Weaknesses: The main concern is whether the choices of learning rule are appropriate to draw conclusions. As discussed below, there is a long way to go to connect these to brain recordings. However, given that, I would have liked to see a method that, for instance, distinguishes between supervised, unsupervised, or reinforcement learning, as opposed to between different variants of supervised learning (since none of these variants are going to be exactly what a brain is using). The authors do appear to study with supervised and unsupervised contrastive algorithms, but group them together. Are they distinguishable? The fact that weight medians and norms provide the most predictive power suggests that relatively simple features are enough to differentiate between the learning rules presented, but the conclusion from the last paragraph that electrophysiological measurements will be enough to do this for a real brain is a stretch. We don't have much reason to believe that these four learning rules, and these architectures, are representative. It would be helpful if the authors could provide some intuition as to why simple measures like weight medians are most informative. Why does one expect these different learning rules to yield different medians?
Correctness: The simulations appear to be implemented correctly.
Clarity: The paper is clearly written.
Relation to Prior Work: This is a relatively novel direction. However, more time could be spent contrasting learning hyperparameters (e.g. Lim et al.) and learning rules. With a sufficiently rich parameterization, are the two really different?
Additional Feedback: After discussion and author response, I continue to feel positively about this paper.

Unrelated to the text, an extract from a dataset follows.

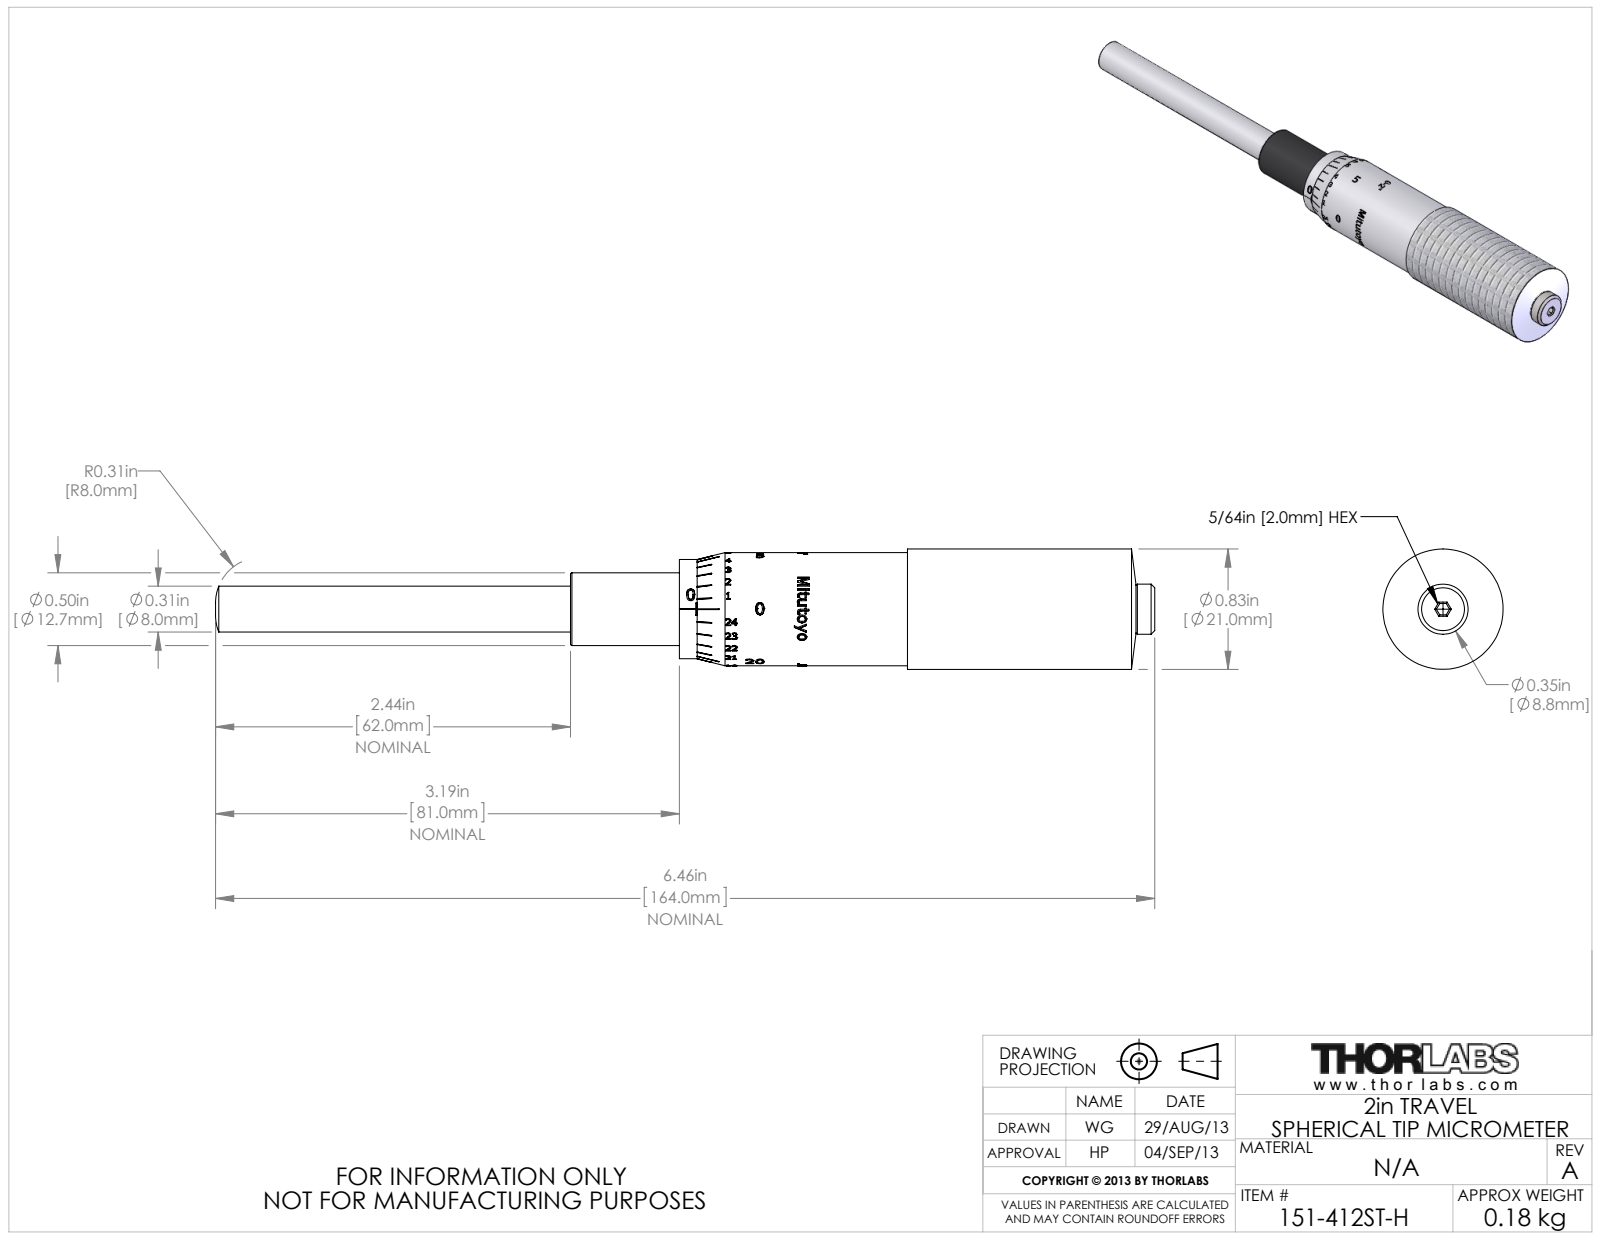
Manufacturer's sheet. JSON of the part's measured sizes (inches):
{"part_name": "TTN017746-E0W", "step_written_by": "SolidWorks 2012 (AUTOMOTIVE_DESIGN)", "units": "inches", "bodies": {"solids": 2, "faces": 1069, "planar": 475, "cylindrical": 116, "other": 478}, "overall_size": [6.458, 0.827, 0.827], "volume_in3": 1.904, "surface_area_in2": 12.94, "round_holes": [[0.157, 1]], "round_bosses_or_shafts": [[0.827, 1], [0.778, 1], [0.682, 1], [0.499, 1], [0.345, 1], [0.315, 1], [0.137, 1]], "partial_cylinders_radius": [[0.375, 10], [0.34, 1], [0.366, 1], [0.389, 1]], "face_to_face_distances": [3.138, 3.887, 0.749, 1.571, 1.567, 2.316, 0.13, 1.701, 3.268, 4.017]}
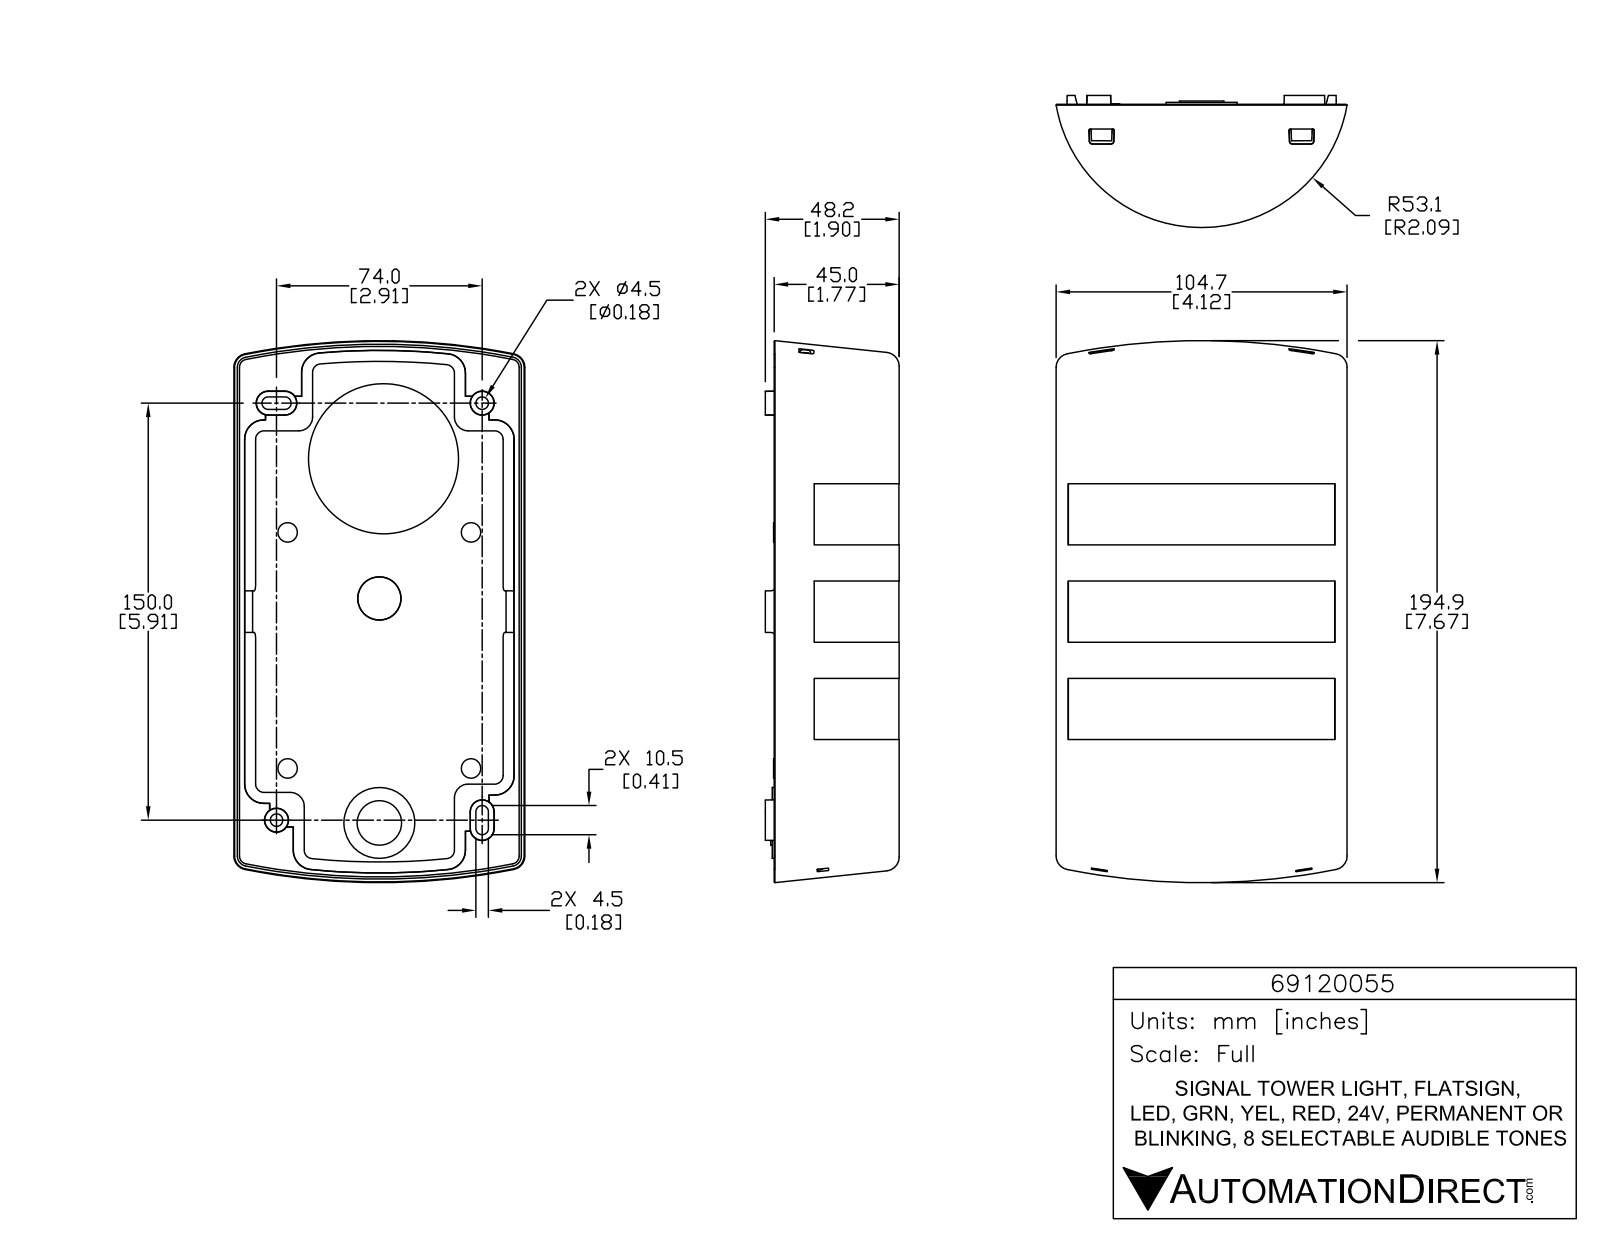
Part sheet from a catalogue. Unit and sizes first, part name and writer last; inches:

Summary and Contributions: ==========Update after rebuttal=========== I've read the author's rebuttal and the other reviews. The rebuttal did a good job of addressing many of the reviewers' concerns. I maintain that the paper is highly important and should be published. The camera-ready version will benefit from taking into account several of the reviewers suggestions. ===================================== The paper addresses the important question of what aspects of learning rules can be inferred from observing only changes in the activity and weights of a neural network during training, without knowledge of the architecture or loss function. In particular, this paper attempts to distinguish four learning rules—stochastic gradient descent with momentum (SGDM), Adam, feedback alignment (FA), and information alignment (IA)—using a number of simple classifiers (linear SVM, Random Forest, Conv-1D MLP) trained on several summary statistics, aggregated over units within each layer. The experiment is repeated over six architectures trained with both supervised and contrastive learning. The authors found that they were indeed able to classify learning rules from trajectories of observables and evaluated the robustness of this classification in the presence of unit subsampling and noise.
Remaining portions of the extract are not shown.